Copy every record word for word. The images stay behind.
[[ SOURCE DATA open ]]
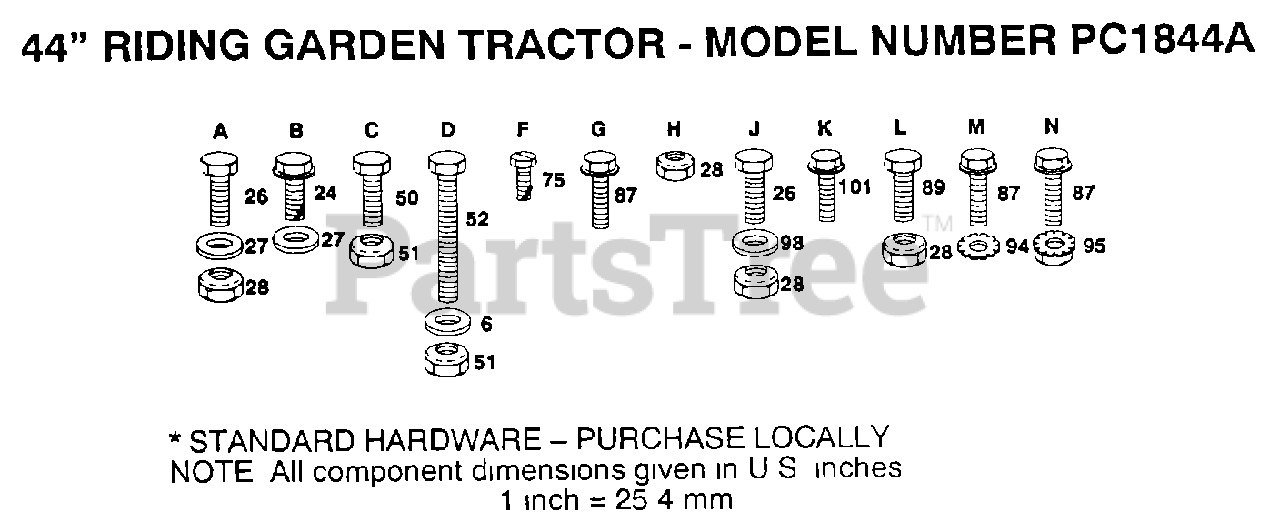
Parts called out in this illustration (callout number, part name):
6	WASHER
24	SCREW
26	BOLT
27	WASHER
50	BOLT
52	BOLT HEX
75	SCREW LT
87	SCREW LT
94	LOCKWASHER
95	NUT
98	WASHER
101	SCREW
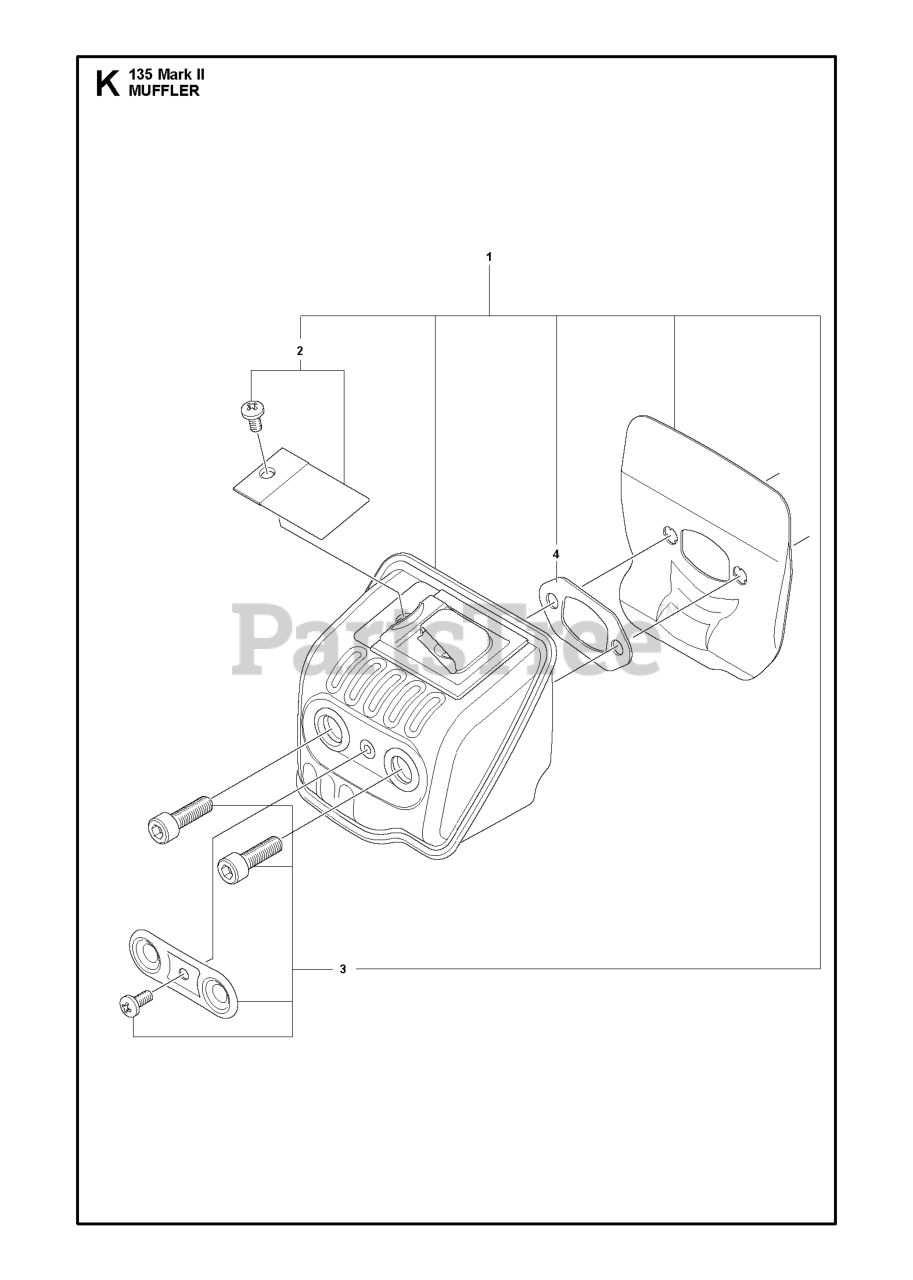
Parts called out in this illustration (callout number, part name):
1	MUFFLER ASSY 38CC
2	SERVICE KIT SPARK ARRESTOR
3	SERVICE KIT MUFFLER
4	GASKET MUFFLER 38CC
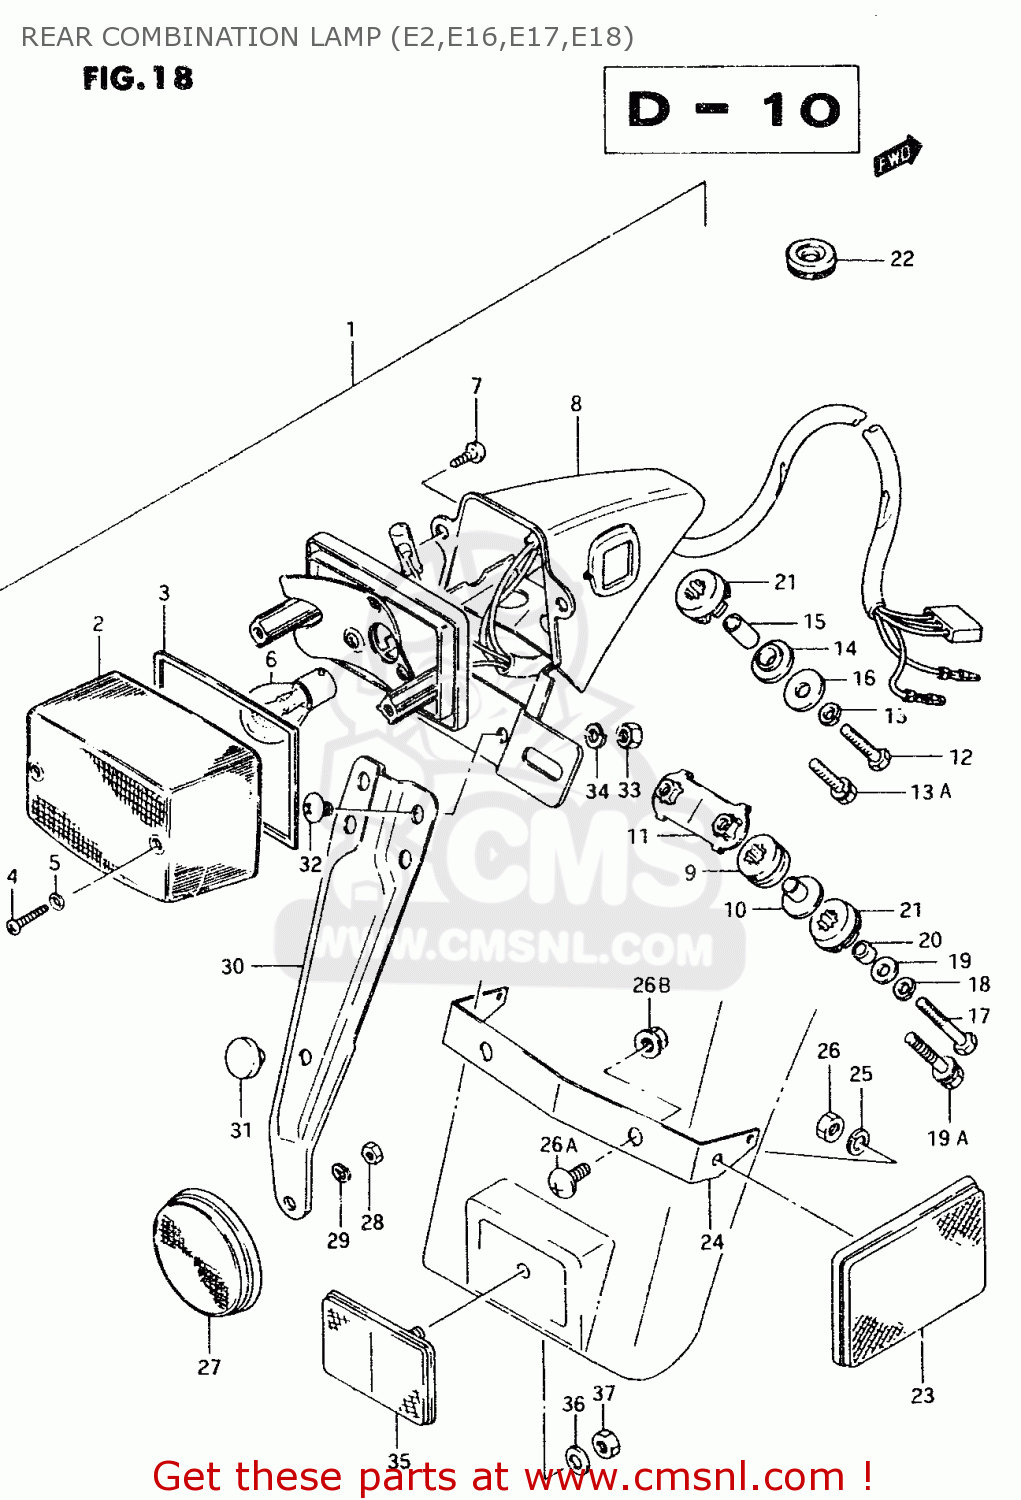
[[ SOURCE DATA closed ]]
[PROBLEM SOLUTION]
Parts called out in this illustration (callout number, part name):
6	WASHER
24	SCREW
26	BOLT
27	WASHER
50	BOLT
52	BOLT HEX
75	SCREW LT
87	SCREW LT
94	LOCKWASHER
95	NUT
98	WASHER
101	SCREW
Parts called out in this illustration (callout number, part name):
1	MUFFLER ASSY 38CC
2	SERVICE KIT SPARK ARRESTOR
3	SERVICE KIT MUFFLER
4	GASKET MUFFLER 38CC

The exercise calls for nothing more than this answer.